For starters, they post a nice big graph right there at the top, and it's quite telling:

No way in hell that close a sync can be a coincidence, methinks. And apparently, theythinks, too:

Fox News posted an astonishing 50% jump in profit last quarter amid a disastrous advertising recession, and it's basically the only thing making money in Rupert Murdoch's empire. Why? Because the GOP has cratered.

Fox News' viewership is up 45% over the last year, and it's easy to see why: The ascendancy of a charismatic black Democrat has driven frightened, paranoid, enraged, nativist zealots into the ideological embrace of an outlet that habitually reconfirms everything they already believe. Watching Glenn Beck's spell-binding sermons on Barack Obama's racism is comforting to people who believe that their way of life—namely, one in which fatherly white Christians protect us from danger both internal and external—is under attack. So they do it more frequently. Tuning into Hannity et.al. becomes a life-affirming political act.

But while cable news is niche, politics is mass. The chart above shows GOP party approval in as reported by New York Times/CBS in national polls going back to 2006 and Fox News' total primetime audience, in millions, over the same time period. Fox News can and does thrive with a primetime audience of 2.5 million, many of which are the aforementioned zealots. The Republican Party needs more than that to function electorally. And the aforementioned angry zealotry that's in vogue on Fox News is distasteful to the independent voters that the GOP needs to court.

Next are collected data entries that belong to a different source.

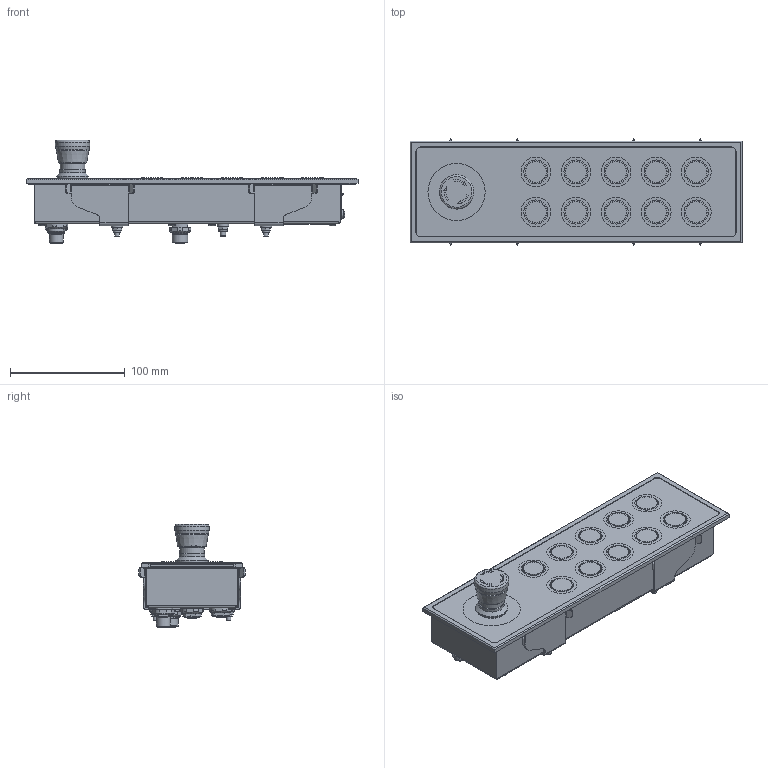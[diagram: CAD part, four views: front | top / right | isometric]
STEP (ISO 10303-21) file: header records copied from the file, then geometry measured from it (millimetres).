
FILE_DESCRIPTION(/* description */ ('-'),/* implementation_level */ '2;1');
FILE_NAME(/* name */ '0000019465.stp',/* time_stamp */ '2024-08-29T14:49:44+02:00',/* author */ ('-'),/* organization */ ('(c) Beckhoff Automation GmbH & Co. KG, 33415 Verl'),/* preprocessor_version */ 'ST-DEVELOPER v20',/* originating_system */ 'Autodesk Inventor 2024',/* authorisation */ '-');
FILE_SCHEMA (('AUTOMOTIVE_DESIGN { 1 0 10303 214 3 1 1 }'));
Products named in the file (1): C9900-M994
Bounding box: 289.9 x 92.61 x 90.79 mm (x, y, z)
Volume: 913742.7 mm3; surface area: 121850.1 mm2
Topology: 1 solids, 31 shells, 2786 faces, 7175 edges, 4604 vertices
Faces by surface type: plane 1477, cylinder 611, bspline 407, cone 215, torus 75, sphere 1
Full cylindrical faces by diameter (mm): 1 x4, 1.1 x18, 1.2 x4, 1.4 x5, 1.5 x13, 1.7 x4, 2.2 x1, 3.65 x1, 4 x12, 4.7 x1, 5 x3, 5.3 x1, 5.7 x6, 6.5 x4, 8.3 x1, 9.4 x1, 9.85 x1, 10 x2, 10.5 x1, 10.8 x1, 10.92 x1, 11 x2, 12 x1, 12.1 x2, 12.3 x1, 13.4 x1, 18.2 x10, 19 x10, 21.5 x1, 22 x1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
Entity records: 92099 total; most frequent: CARTESIAN_POINT 22960, ORIENTED_EDGE 14332, DIRECTION 12781, EDGE_CURVE 7166, VERTEX_POINT 4604, AXIS2_PLACEMENT_3D 4312, LINE 4157, VECTOR 4157
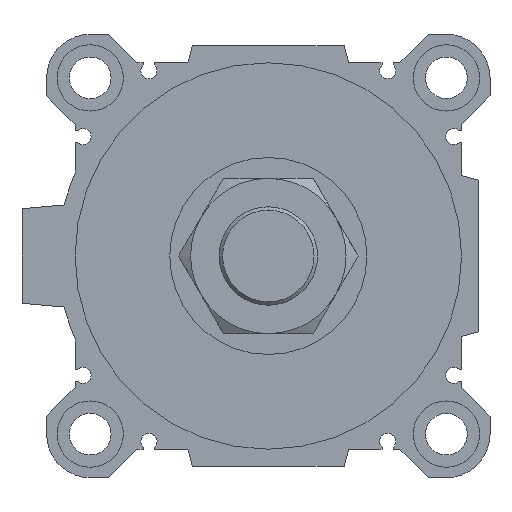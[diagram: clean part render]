
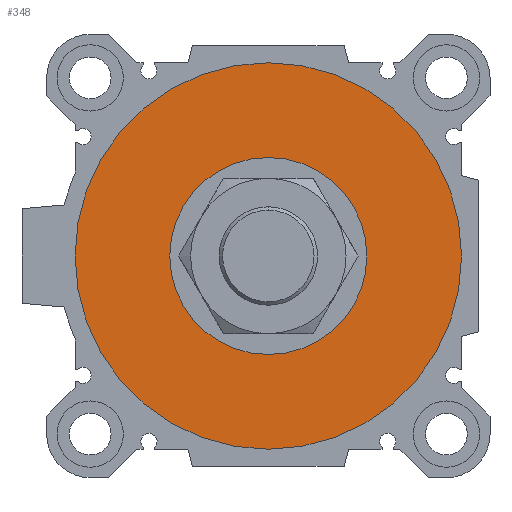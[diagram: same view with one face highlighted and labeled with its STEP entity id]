
A CAD part, left-side view. The second image highlights one B-rep face of the part: STEP entity #348.
In plain terms, the highlighted planar face has unit normal (-1, 0, 0).
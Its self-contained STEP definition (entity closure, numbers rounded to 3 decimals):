
#40 = DIRECTION ( 'NONE',  ( 0., 0., -1. ) ) ;
#83 = DIRECTION ( 'NONE',  ( 0., 1., 0. ) ) ;
#180 = DIRECTION ( 'NONE',  ( 1., 0., 0. ) ) ;
#293 = CARTESIAN_POINT ( 'NONE',  ( 6.5, 0., 0. ) ) ;
#348 = ADVANCED_FACE ( 'NONE', ( #6093, #4822 ), #677, .F. ) ;
#478 = ORIENTED_EDGE ( 'NONE', *, *, #4496, .T. ) ;
#677 = PLANE ( 'NONE',  #4860 ) ;
#722 = EDGE_CURVE ( 'NONE', #7120, #2882, #5487, .T. ) ;
#960 = CARTESIAN_POINT ( 'NONE',  ( 6.5, 0., 51. ) ) ;
#980 = CIRCLE ( 'NONE', #1232, 26. ) ;
#1167 = ORIENTED_EDGE ( 'NONE', *, *, #2919, .T. ) ;
#1232 = AXIS2_PLACEMENT_3D ( 'NONE', #293, #180, #4555 ) ;
#1303 = VERTEX_POINT ( 'NONE', #3326 ) ;
#1313 = EDGE_CURVE ( 'NONE', #2882, #7120, #2979, .T. ) ;
#1726 = CIRCLE ( 'NONE', #6184, 26. ) ;
#1842 = ORIENTED_EDGE ( 'NONE', *, *, #1313, .F. ) ;
#2514 = CARTESIAN_POINT ( 'NONE',  ( 6.5, 0., 0. ) ) ;
#2566 = DIRECTION ( 'NONE',  ( 0., 0., -1. ) ) ;
#2882 = VERTEX_POINT ( 'NONE', #3662 ) ;
#2919 = EDGE_CURVE ( 'NONE', #6964, #1303, #1726, .T. ) ;
#2979 = CIRCLE ( 'NONE', #7439, 51. ) ;
#3100 = DIRECTION ( 'NONE',  ( 1., 0., 0. ) ) ;
#3151 = CARTESIAN_POINT ( 'NONE',  ( 6.5, 0., 0. ) ) ;
#3326 = CARTESIAN_POINT ( 'NONE',  ( 6.5, 0., -26. ) ) ;
#3662 = CARTESIAN_POINT ( 'NONE',  ( 6.5, 0., -51. ) ) ;
#4013 = DIRECTION ( 'NONE',  ( 0., 0., -1. ) ) ;
#4470 = DIRECTION ( 'NONE',  ( 1., 0., 0. ) ) ;
#4496 = EDGE_CURVE ( 'NONE', #1303, #6964, #980, .T. ) ;
#4555 = DIRECTION ( 'NONE',  ( 0., 0., -1. ) ) ;
#4822 = FACE_BOUND ( 'NONE', #6943, .T. ) ;
#4860 = AXIS2_PLACEMENT_3D ( 'NONE', #2514, #3100, #83 ) ;
#5084 = DIRECTION ( 'NONE',  ( 1., 0., 0. ) ) ;
#5487 = CIRCLE ( 'NONE', #7269, 51. ) ;
#6093 = FACE_OUTER_BOUND ( 'NONE', #6665, .T. ) ;
#6184 = AXIS2_PLACEMENT_3D ( 'NONE', #3151, #4470, #2566 ) ;
#6367 = ORIENTED_EDGE ( 'NONE', *, *, #722, .F. ) ;
#6467 = CARTESIAN_POINT ( 'NONE',  ( 6.5, 0., 26. ) ) ;
#6665 = EDGE_LOOP ( 'NONE', ( #6367, #1842 ) ) ;
#6687 = CARTESIAN_POINT ( 'NONE',  ( 6.5, 0., 0. ) ) ;
#6728 = DIRECTION ( 'NONE',  ( 1., 0., 0. ) ) ;
#6943 = EDGE_LOOP ( 'NONE', ( #1167, #478 ) ) ;
#6964 = VERTEX_POINT ( 'NONE', #6467 ) ;
#7046 = CARTESIAN_POINT ( 'NONE',  ( 6.5, 0., 0. ) ) ;
#7120 = VERTEX_POINT ( 'NONE', #960 ) ;
#7269 = AXIS2_PLACEMENT_3D ( 'NONE', #6687, #6728, #40 ) ;
#7439 = AXIS2_PLACEMENT_3D ( 'NONE', #7046, #5084, #4013 ) ;
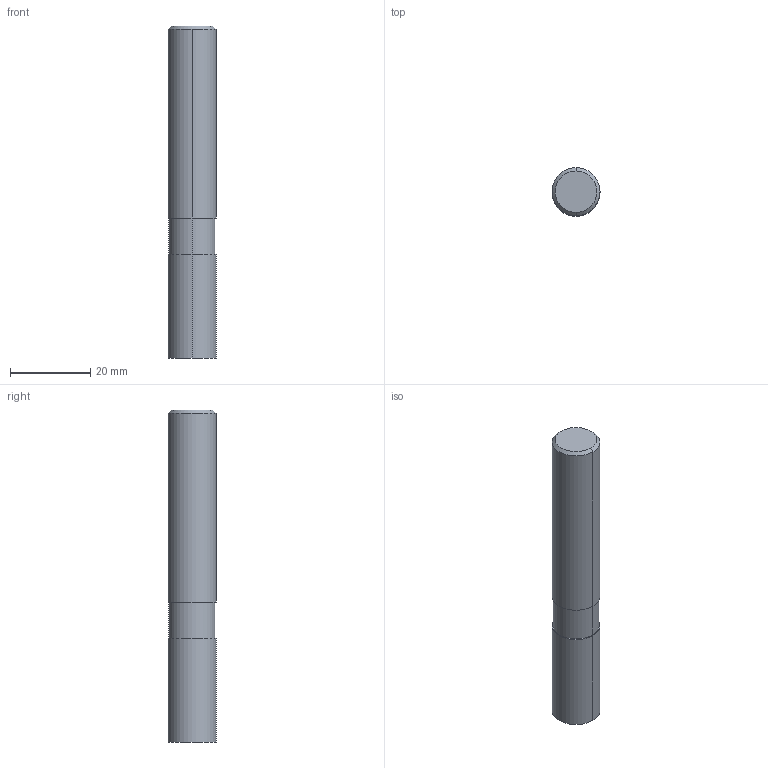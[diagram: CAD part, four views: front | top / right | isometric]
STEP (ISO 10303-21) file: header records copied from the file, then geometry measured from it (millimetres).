
FILE_DESCRIPTION((''),'2;1');
FILE_NAME('DIN4003_82_HEURO','2016-04-11T',('automc'),(''),'PRO/ENGINEER BY PARAMETRIC TECHNOLOGY CORPORATION, 2015280','PRO/ENGINEER BY PARAMETRIC TECHNOLOGY CORPORATION, 2015280','');
FILE_SCHEMA(('AUTOMOTIVE_DESIGN { 1 0 10303 214 1 1 1 1 }'));
Length unit declared in the file: millimetre
Products named in the file (1): DIN4003_82_HEURO
Bounding box: 12 x 12 x 83 mm (x, y, z)
Volume: 9292.5 mm3; surface area: 3341.1 mm2
Topology: 1 solids, 1 shells, 12 faces, 24 edges, 17 vertices
Faces by surface type: bspline 12
Entity records: 704 total; most frequent: CARTESIAN_POINT 219, DIRECTION 68, ORIENTED_EDGE 44, AXIS2_PLACEMENT_3D 26, PRESENTATION_STYLE_ASSIGNMENT 23, STYLED_ITEM 23, EDGE_CURVE 22, VECTOR 16
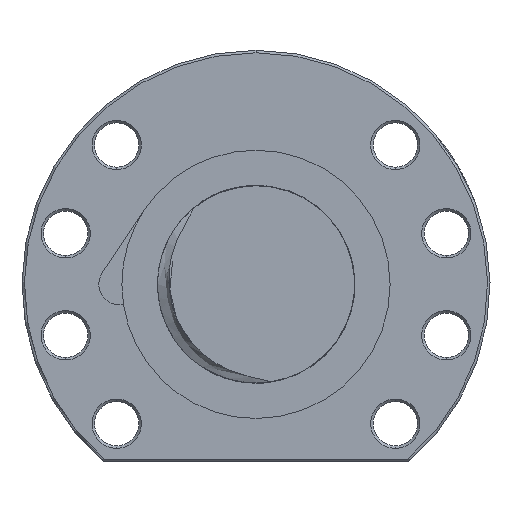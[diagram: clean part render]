
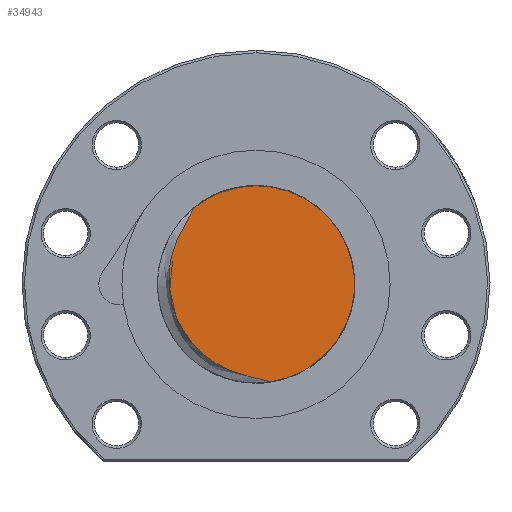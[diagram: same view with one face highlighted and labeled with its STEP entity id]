
A CAD part, left-side view. The second image highlights one B-rep face of the part: STEP entity #34943.
In plain terms, the highlighted planar face has unit normal (-1, 0, 0).
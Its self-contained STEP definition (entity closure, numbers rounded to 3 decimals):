
#8538 = CARTESIAN_POINT ( 'NONE',  ( -301., 0., 20. ) ) ;
#8544 = CARTESIAN_POINT ( 'NONE',  ( -301., 12.631, 15.507 ) ) ;
#8591 = DIRECTION ( 'NONE',  ( 0., 1., 0. ) ) ;
#8592 = DIRECTION ( 'NONE',  ( 1., 0., 0. ) ) ;
#8593 = AXIS2_PLACEMENT_3D ( 'NONE', #8599, #8592, #8591 ) ;
#8594 = CIRCLE ( 'NONE', #8593, 20. ) ;
#8599 = CARTESIAN_POINT ( 'NONE',  ( -301., 0., 0. ) ) ;
#16099 = CARTESIAN_POINT ( 'NONE',  ( -301., 12.139, -12.87 ) ) ;
#16100 = CARTESIAN_POINT ( 'NONE',  ( -301., 13.459, -11.375 ) ) ;
#16101 = CARTESIAN_POINT ( 'NONE',  ( -301., 14.069, -10.567 ) ) ;
#16102 = CARTESIAN_POINT ( 'NONE',  ( -301., 15.145, -8.89 ) ) ;
#16103 = CARTESIAN_POINT ( 'NONE',  ( -301., 15.615, -8.017 ) ) ;
#16104 = CARTESIAN_POINT ( 'NONE',  ( -301., 16.22, -6.654 ) ) ;
#16105 = CARTESIAN_POINT ( 'NONE',  ( -301., 16.405, -6.191 ) ) ;
#16106 = CARTESIAN_POINT ( 'NONE',  ( -301., 16.74, -5.248 ) ) ;
#16107 = CARTESIAN_POINT ( 'NONE',  ( -301., 16.89, -4.766 ) ) ;
#16108 = CARTESIAN_POINT ( 'NONE',  ( -301., 17.281, -3.318 ) ) ;
#16109 = CARTESIAN_POINT ( 'NONE',  ( -301., 17.466, -2.344 ) ) ;
#16110 = CARTESIAN_POINT ( 'NONE',  ( -301., 17.688, -0.38 ) ) ;
#16111 = CARTESIAN_POINT ( 'NONE',  ( -301., 17.726, 0.611 ) ) ;
#16112 = CARTESIAN_POINT ( 'NONE',  ( -301., 17.672, 2.109 ) ) ;
#16113 = CARTESIAN_POINT ( 'NONE',  ( -301., 17.635, 2.613 ) ) ;
#16114 = CARTESIAN_POINT ( 'NONE',  ( -301., 17.526, 3.607 ) ) ;
#16115 = CARTESIAN_POINT ( 'NONE',  ( -301., 17.454, 4.1 ) ) ;
#16116 = CARTESIAN_POINT ( 'NONE',  ( -301., 17.186, 5.564 ) ) ;
#16117 = CARTESIAN_POINT ( 'NONE',  ( -301., 16.939, 6.522 ) ) ;
#16118 = CARTESIAN_POINT ( 'NONE',  ( -301., 16.32, 8.405 ) ) ;
#16119 = CARTESIAN_POINT ( 'NONE',  ( -301., 15.946, 9.332 ) ) ;
#16120 = CARTESIAN_POINT ( 'NONE',  ( -301., 15.092, 11.147 ) ) ;
#16121 = CARTESIAN_POINT ( 'NONE',  ( -301., 14.612, 12.026 ) ) ;
#16122 = CARTESIAN_POINT ( 'NONE',  ( -301., 13.853, 13.323 ) ) ;
#16123 = CARTESIAN_POINT ( 'NONE',  ( -301., 13.594, 13.752 ) ) ;
#16124 = CARTESIAN_POINT ( 'NONE',  ( -301., 13.212, 14.399 ) ) ;
#16125 = CARTESIAN_POINT ( 'NONE',  ( -301., 13.086, 14.616 ) ) ;
#16126 = CARTESIAN_POINT ( 'NONE',  ( -301., 12.844, 15.055 ) ) ;
#16127 = CARTESIAN_POINT ( 'NONE',  ( -301., 12.728, 15.277 ) ) ;
#16128 = CARTESIAN_POINT ( 'NONE',  ( -301., 12.631, 15.507 ) ) ;
#16131 = B_SPLINE_CURVE_WITH_KNOTS ( 'NONE', 3,
 ( #16128, #16127, #16126, #16125, #16124, #16123, #16122, #16121, #16120, #16119, #16118, #16117, #16116, #16115, #16114, #16113, #16112, #16111, #16110, #16109, #16108, #16107, #16106, #16105, #16104, #16103, #16102, #16101, #16100, #16099, #16547, #16546, #16545, #16544, #16543, #16542, #16541, #16540, #16539, #16538, #16537, #16536, #16535, #16534, #16533, #16532 ),
 .UNSPECIFIED., .F., .F.,
 ( 4, 2, 2, 2, 2, 2, 2, 2, 2, 2, 2, 2, 2, 2, 2, 2, 2, 2, 2, 2, 2, 2, 4 ),
 ( 0.011, 0.012, 0.012, 0.014, 0.017, 0.02, 0.023, 0.024, 0.025, 0.028, 0.031, 0.033, 0.034, 0.037, 0.04, 0.043, 0.045, 0.046, 0.052, 0.055, 0.056, 0.057, 0.058 ),
 .UNSPECIFIED. ) ;
#16324 = DIRECTION ( 'NONE',  ( 0., 0., -1. ) ) ;
#16325 = DIRECTION ( 'NONE',  ( 1., 0., 0. ) ) ;
#16326 = CARTESIAN_POINT ( 'NONE',  ( -301., 0., 0. ) ) ;
#16327 = AXIS2_PLACEMENT_3D ( 'NONE', #16326, #16325, #16324 ) ;
#16328 = PLANE ( 'NONE',  #16327 ) ;
#16333 = FACE_OUTER_BOUND ( 'NONE', #34948, .T. ) ;
#16532 = CARTESIAN_POINT ( 'NONE',  ( -301., -3.072, -19.763 ) ) ;
#16533 = CARTESIAN_POINT ( 'NONE',  ( -301., -2.835, -19.681 ) ) ;
#16534 = CARTESIAN_POINT ( 'NONE',  ( -301., -2.592, -19.619 ) ) ;
#16535 = CARTESIAN_POINT ( 'NONE',  ( -301., -2.103, -19.504 ) ) ;
#16536 = CARTESIAN_POINT ( 'NONE',  ( -301., -1.857, -19.453 ) ) ;
#16537 = CARTESIAN_POINT ( 'NONE',  ( -301., -1.12, -19.303 ) ) ;
#16538 = CARTESIAN_POINT ( 'NONE',  ( -301., -0.627, -19.209 ) ) ;
#16539 = CARTESIAN_POINT ( 'NONE',  ( -301., 0.847, -18.904 ) ) ;
#16540 = CARTESIAN_POINT ( 'NONE',  ( -301., 1.823, -18.672 ) ) ;
#16541 = CARTESIAN_POINT ( 'NONE',  ( -301., 4.707, -17.802 ) ) ;
#16542 = CARTESIAN_POINT ( 'NONE',  ( -301., 6.533, -17.009 ) ) ;
#16543 = CARTESIAN_POINT ( 'NONE',  ( -301., 8.661, -15.696 ) ) ;
#16544 = CARTESIAN_POINT ( 'NONE',  ( -301., 9.08, -15.415 ) ) ;
#16545 = CARTESIAN_POINT ( 'NONE',  ( -301., 9.892, -14.829 ) ) ;
#16546 = CARTESIAN_POINT ( 'NONE',  ( -301., 10.285, -14.522 ) ) ;
#16547 = CARTESIAN_POINT ( 'NONE',  ( -301., 11.427, -13.562 ) ) ;
#22849 = DIRECTION ( 'NONE',  ( 0., 1., 0. ) ) ;
#22850 = DIRECTION ( 'NONE',  ( 1., 0., 0. ) ) ;
#22851 = CARTESIAN_POINT ( 'NONE',  ( -301., 0., 0. ) ) ;
#22852 = AXIS2_PLACEMENT_3D ( 'NONE', #22851, #22850, #22849 ) ;
#22853 = CIRCLE ( 'NONE', #22852, 20. ) ;
#22861 = CARTESIAN_POINT ( 'NONE',  ( -301., -3.072, -19.763 ) ) ;
#34942 = ORIENTED_EDGE ( 'NONE', *, *, #36275, .F. ) ;
#34943 = ADVANCED_FACE ( 'NONE', ( #16333 ), #16328, .F. ) ;
#34948 = EDGE_LOOP ( 'NONE', ( #34942, #34964, #34965 ) ) ;
#34963 = EDGE_CURVE ( 'NONE', #36267, #37113, #16131, .T. ) ;
#34964 = ORIENTED_EDGE ( 'NONE', *, *, #34963, .T. ) ;
#34965 = ORIENTED_EDGE ( 'NONE', *, *, #37115, .F. ) ;
#36267 = VERTEX_POINT ( 'NONE', #8544 ) ;
#36270 = VERTEX_POINT ( 'NONE', #8538 ) ;
#36275 = EDGE_CURVE ( 'NONE', #36267, #36270, #8594, .T. ) ;
#37113 = VERTEX_POINT ( 'NONE', #22861 ) ;
#37115 = EDGE_CURVE ( 'NONE', #36270, #37113, #22853, .T. ) ;

Unfortunately for Republicans and fortunately for Roger Ailes, a feedback loop has been created: As disaffected conservatives turn increasingly to Fox News, Fox News caters its programming to keep them coming back, turning, for instance, the Tea Parties into a daylong televised festival of rage. But given Fox's well-earned brand identification with the Republican Party, and vice versa, that programming serves to promote a view of Republicans as angry white people who hate Puerto Rican judges. Which turns off independent voters, which further isolates the diehard rejectionist wing of the party, which increases the importance of Fox News in their lives as a reassuring voice telling them to be strong in the face of the barbarian hordes—or, as Glenn Beck puts it, "We surround them."

The more viewers Fox attracts, the more voters the GOP repels. And the more voters the GOP repels, the more viewers Fox attracts. The most important part of the dynamic is that Fox News has no interest in doing anything other than attracting viewers. It will continue to ride this wave of anger and resentment irrespective of what impact it has on the Republican Party until it stops making them money. And yes, Barack Obama's popularity is dropping, and the bloom is beginning to come off the rose. But the GOP hasn't seen a concomitant rise in popularity: Just yesterday it hit the lowest approval rating it has seen in a quarter century, according to the New York Times.

Anyone who's seen the sort of follies and general bullshit Faux News displays as current events, from Beck claiming Obama is a non-White-people-hating racist, to O'Reilly's bullying screaming rants, to the nonstop and ridiculous criticizing of Sonia Sotomayor as "reverse racist", to claiming Obama is a traitor who was born in Kenya, to those hilariously pathetic "tea parties" wherein yokels and cretins yammer on about how they've had enough and how a 3% tax increase is equal to slavery or the Nazi rule ...

Well, they'll know there's definitely some truth to this assertion that Fox News is horrible for the GOP – and vice versa.